Background information
- Origin: Iran
- Genres: Pop
- Years active: 1985-1991 Reunions at various dates: 2002, 2004, 2009, 2010
- Past members: Andranik "Andy" Madadian Kouros Shahmiri

= Andy & Kouros =

Persian pop duo

Andy & Kouros (Persian: ) were an Iranian pop duo formed in Los Angeles in the mid-1980s, consisting of Andranik "Andy" Madadian and Kouros Shahmiri. Active until 1991, they released four studio albums—Khastegary (1985), Parvaz (1987), Balla (1990), and Goodbye (1991)—on diaspora labels including Pars Video and Caltex Records, before pursuing solo careers. They have occasionally reunited for performances and collaborations, including a later remake of their song "Niloufar".

Andy and Kouros released four albums: Khastegary (1985), Parvaz (1987), the hugely successful Balla (1990), and finally Goodbye (1991). Throughout their career, they often performed along with various other artists, such as Shahram Shabpareh, Shohreh Solati, Dariush Eghbali, Siavash Shams, Jaklin Viguen (the daughter of Viguen) and Toofan.

Andy and Kouros split in 1991. To commemorate their contributions to Persian pop, a documentary was released focusing on their career which featured interviews with various Persian celebrities and singers to give their opinion on the duo, such as Shohreh Aghdashloo (who would later co-star with Andy in House of Sand and Fog), Aref Arefkia, Manoochehr, Shahram Shabpareh (who claimed that he saw the duo as little brothers), Leila Forouhar, Bijan Mortazavi, Hassan Shamaizadeh and Siavash Shams. Fans of the duo were also interviewed to express their opinions on the group splitting. In an interview, Andy and Kouros themselves claimed that their split was due to work, and gave their thanks to their fans for their support.

Following their split, Andy and Kouros each went on to have successful solo careers, though they reunited occasionally, such as Andy singing along with Kouros in one song in the latter's Gates of Love album.
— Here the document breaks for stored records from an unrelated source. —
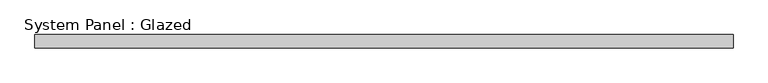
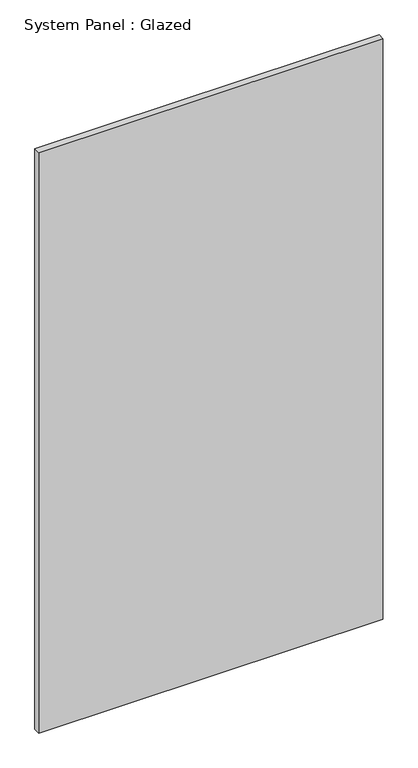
"""IFC4 building model written with IfcOpenShell, lengths in millimetres: plate geometry, System Panel : Glazed."""

import ifcopenshell
import ifcopenshell.guid

model = None  # the IFC model being written
_history = None  # IfcOwnerHistory: only IFC2X3 demands one
_inside = {}  # id of a spatial element -> (the spatial element, [elements in it])
_under = {}  # id of a project, library or spatial element -> (it, [spatial elements below it])
_declared = {}  # id of a project -> (the project, [libraries it declares])
_typed = {}  # id of a type object -> (the type object, [elements of that type])
_made_of = {}  # id of a material, layer set ... -> (it, [elements and type objects made of it])


def new_model(schema):
    """Start an empty IFC model of exactly this schema.

    Asked for "IFC4X3", IfcOpenShell would pick the latest addendum, in which some entities
    have other attributes; the version numbers below select the first issue.
    IFC2X3 requires an IfcOwnerHistory on every rooted entity: one is made here for all.
    """
    global model, _history
    if schema == "IFC4X3":
        model = ifcopenshell.file(schema_version=(4, 3, 0, 0))
    else:
        model = ifcopenshell.file(schema=schema)
    _inside.clear()
    _under.clear()
    _declared.clear()
    _typed.clear()
    _made_of.clear()
    _history = None
    if model.schema == "IFC2X3":
        org = make("IfcOrganization", Name="unknown")
        user = make(
            "IfcPersonAndOrganization",
            ThePerson=make("IfcPerson", FamilyName="unknown"),
            TheOrganization=org,
        )
        app = make(
            "IfcApplication",
            ApplicationDeveloper=org,
            Version="unknown",
            ApplicationFullName="unknown",
            ApplicationIdentifier="unknown",
        )
        _history = make(
            "IfcOwnerHistory",
            OwningUser=user,
            OwningApplication=app,
            ChangeAction="ADDED",
            CreationDate=0,
        )
    return model


def make(cls, **values):
    """One entity of the class cls with the attributes given. An attribute that is None is left unset."""
    return model.create_entity(
        cls, **{name: value for name, value in values.items() if value is not None}
    )


def rooted(cls, **values):
    """An entity with a GlobalId (a new one), such as an element, a storey or a relation."""
    return make(cls, GlobalId=ifcopenshell.guid.new(), OwnerHistory=_history, **values)


def si_unit(unit_type, name, prefix=None):
    """IfcSIUnit, for example si_unit("LENGTHUNIT", "METRE", prefix="MILLI")."""
    return make("IfcSIUnit", UnitType=unit_type, Prefix=prefix, Name=name)


def assignment(units):
    """IfcUnitAssignment: the units of a project."""
    return None if units is None else make("IfcUnitAssignment", Units=units)


def point(xyz):
    """IfcCartesianPoint."""
    return None if xyz is None else make("IfcCartesianPoint", Coordinates=xyz)


def direction(xyz):
    """IfcDirection."""
    return None if xyz is None else make("IfcDirection", DirectionRatios=xyz)


def frame(location, z_axis=None, x_axis=None):
    """IfcAxis2Placement3D, a coordinate frame: its origin and axes. An axis left out is left unset."""
    return make(
        "IfcAxis2Placement3D",
        Location=point(location),
        Axis=direction(z_axis),
        RefDirection=direction(x_axis),
    )


def origin():
    """The frame at (0, 0, 0) with its axes left unset."""
    return frame((0.0, 0.0, 0.0))


def origin_with_axes():
    """The frame at (0, 0, 0) with the z axis (0, 0, 1) and the x axis (1, 0, 0) written out."""
    return frame((0.0, 0.0, 0.0), z_axis=(0.0, 0.0, 1.0), x_axis=(1.0, 0.0, 0.0))


def place(relative_to, where):
    """IfcLocalPlacement: puts the frame where relative to a parent placement (None: the world)."""
    return make(
        "IfcLocalPlacement", PlacementRelTo=relative_to, RelativePlacement=where
    )


def context(
    kind, dimensions, precision=None, world=None, true_north=None, identifier=None
):
    """IfcGeometricRepresentationContext, for example the 3D "Model" context."""
    return make(
        "IfcGeometricRepresentationContext",
        ContextIdentifier=identifier,
        ContextType=kind,
        CoordinateSpaceDimension=dimensions,
        Precision=precision,
        WorldCoordinateSystem=world,
        TrueNorth=true_north,
    )


def project(units=None, contexts=None):
    """IfcProject with its units and contexts."""
    return rooted(
        "IfcProject",
        Name="project",
        RepresentationContexts=contexts,
        UnitsInContext=assignment(units),
    )


def spatial(cls, under=None, at=None, **own):
    """A site, building, storey or space (cls), placed at a placement, below another one or the project."""
    s = rooted(cls, ObjectPlacement=at, **own)
    if under is not None:
        _under.setdefault(under.id(), (under, []))[1].append(s)
    return s


def polyline(points):
    """IfcPolyline through the points."""
    return make("IfcPolyline", Points=[point(p) for p in points])


def outline(outer, holes=None, kind="AREA"):
    """IfcArbitraryClosedProfileDef: a profile drawn as a closed curve; with holes, ...WithVoids."""
    if holes is None:
        return make("IfcArbitraryClosedProfileDef", ProfileType=kind, OuterCurve=outer)
    return make(
        "IfcArbitraryProfileDefWithVoids",
        ProfileType=kind,
        OuterCurve=outer,
        InnerCurves=holes,
    )


def extrude(swept, where, along, depth):
    """IfcExtrudedAreaSolid: the profile swept, set in the frame where, extruded along a direction by depth."""
    return make(
        "IfcExtrudedAreaSolid",
        SweptArea=swept,
        Position=where,
        ExtrudedDirection=direction(along),
        Depth=depth,
    )


def shape(context_of_items, identifier, shape_type, items):
    """IfcShapeRepresentation: the items that make up one representation, for example the "Body"."""
    return make(
        "IfcShapeRepresentation",
        ContextOfItems=context_of_items,
        RepresentationIdentifier=identifier,
        RepresentationType=shape_type,
        Items=items,
    )


def source(mapping_origin, context_of_items, identifier, shape_type, items):
    """IfcRepresentationMap: a shape defined once, which mapped items show again and again."""
    return make(
        "IfcRepresentationMap",
        MappingOrigin=mapping_origin,
        MappedRepresentation=shape(context_of_items, identifier, shape_type, items),
    )


def transform(
    local_origin,
    x_axis=None,
    y_axis=None,
    z_axis=None,
    scale=None,
    scale2=None,
    scale3=None,
    uniform=True,
):
    """IfcCartesianTransformationOperator3D, or its non-uniform kind. x_axis, y_axis, z_axis: its Axis1, 2, 3."""
    if uniform:
        return make(
            "IfcCartesianTransformationOperator3D",
            Axis1=direction(x_axis),
            Axis2=direction(y_axis),
            LocalOrigin=point(local_origin),
            Scale=scale,
            Axis3=direction(z_axis),
        )
    return make(
        "IfcCartesianTransformationOperator3DnonUniform",
        Axis1=direction(x_axis),
        Axis2=direction(y_axis),
        LocalOrigin=point(local_origin),
        Scale=scale,
        Axis3=direction(z_axis),
        Scale2=scale2,
        Scale3=scale3,
    )


def mapped(mapping_source, mapping_target):
    """IfcMappedItem: shows the shape of a source again, moved by a transform."""
    return make(
        "IfcMappedItem", MappingSource=mapping_source, MappingTarget=mapping_target
    )


def made_of(thing, what):
    """Note that an element or type object is made of a material, layer set ...; save() writes the relation."""
    if what is not None:
        _made_of.setdefault(what.id(), (what, []))[1].append(thing)
    return thing


def element(
    cls,
    number,
    at=None,
    inside=None,
    cuts=None,
    type_object=None,
    material=None,
    context=None,
    identifier="Body",
    shape_type=None,
    held_by="IfcProductDefinitionShape",
    body=None,
    shapes=None,
    **own,
):
    """One element of the class cls, such as IfcWall. Its Tag is "e" and its number.

    at: its placement. inside: the storey or other place that contains it. cuts: it is an
    opening in that element (IfcRelVoidsElement). A single representation is given by context,
    identifier, shape_type and body (its items); several are given by shapes. held_by: the class
    of the entity that holds the representations. save() writes the other relations.
    """
    e = rooted(cls, Tag="e%d" % number, ObjectPlacement=at, **own)
    if body is not None:
        shapes = [shape(context, identifier, shape_type, body)]
    if shapes is not None:
        e.Representation = make(held_by, Representations=shapes)
    if inside is not None:
        _inside.setdefault(inside.id(), (inside, []))[1].append(e)
    if cuts is not None:
        rooted(
            "IfcRelVoidsElement", RelatingBuildingElement=cuts, RelatedOpeningElement=e
        )
    if type_object is not None:
        _typed.setdefault(type_object.id(), (type_object, []))[1].append(e)
    return made_of(e, material)


def aggregate(whole, parts):
    """IfcRelAggregates: a whole, such as a stair, and the parts it consists of."""
    return rooted("IfcRelAggregates", RelatingObject=whole, RelatedObjects=parts)


def save(model, path):
    """Write the relations noted so far, then the file.

    IfcRelAggregates (storeys below a building ...), IfcRelContainedInSpatialStructure (elements
    in a storey), IfcRelDefinesByType, IfcRelAssociatesMaterial and IfcRelDeclares: one each for
    every whole, place, type object, material and project.
    """
    for whole, parts in _under.values():
        aggregate(whole, parts)
    for where, things in _inside.values():
        rooted(
            "IfcRelContainedInSpatialStructure",
            RelatedElements=things,
            RelatingStructure=where,
        )
    for kind, things in _typed.values():
        rooted("IfcRelDefinesByType", RelatedObjects=things, RelatingType=kind)
    for what, things in _made_of.values():
        rooted("IfcRelAssociatesMaterial", RelatedObjects=things, RelatingMaterial=what)
    for by, libraries in _declared.values():
        rooted("IfcRelDeclares", RelatingContext=by, RelatedDefinitions=libraries)
    model.write(path)


def system_panel_glazed_231014a1(model_context):
    return source(origin(), model_context, "Body", "SweptSolid", [
        extrude(outline(polyline([(663.0142443, -49.5), (-663.0142443, -49.5), (-663.0142443, -24.5), (663.0142443, -24.5), (663.0142443, -49.5)])), origin_with_axes(), (0.0, 0.0, 1.0), 2365.0),
    ])


if __name__ == "__main__":
    model = new_model("IFC4")
    model_context = context("Model", 3, world=origin())
    ifc_project = project(units=[si_unit("LENGTHUNIT", "METRE", prefix="MILLI")], contexts=[model_context])
    site = spatial("IfcSite", under=ifc_project)
    building = spatial("IfcBuilding", under=site)
    placement = place(None, origin())
    system_panel_glazed_shape = system_panel_glazed_231014a1(model_context)
    element("IfcPlate", 1, ObjectType="System Panel : Glazed", at=placement, inside=building, context=model_context, shape_type="MappedRepresentation", body=[
        mapped(system_panel_glazed_shape, transform((0.0, 0.0, 0.0), x_axis=(1.0, 0.0, 0.0), y_axis=(0.0, 1.0, 0.0), z_axis=(0.0, 0.0, 1.0))),
    ])
    save(model, "model.ifc")

In 2002 and 2004, they performed together for a sold-out audience in San Jose, California; in 2009, they went on an international tour together in the Iranian diaspora; and performed together again in May 2010. They also appeared together in a music video by Farez remaking their hit song "Niloufar".

==Discography==

=== Studio albums ===

| Year | Title | Notable Tracks | Notes |
|---|---|---|---|
| 1985 | Khastegary (خواستگاری) | "Three of Us" "Madar" | Initial release on cassette (later reissued on CD in 1992). |
| 1987 | Parvaz (پرواز) | "Chi Mishod" "Restless" "Niloufar" "Topoli" "Restless" | Widely circulated later in digital form (1992 CD/digital listings). |
| 1990 | Balla (بلا) | "Balla" "Leila" "Negah" "Sheytoon Bala" "Khodaye Asemoonha" "Don't Go Away" | Release documented by label/retail metadata. |
| 1991 | Goodbye | "Strange Love" "Yasaman" | Contemporary retailer listing with date/track list. |

== Context and legacy ==
The duo's output is often associated with the post-revolution "Tehrangeles" pop scene centered in Los Angeles, where Persian-language labels and television built a transnational audience for Iranian popular music during the 1980s and 1990s.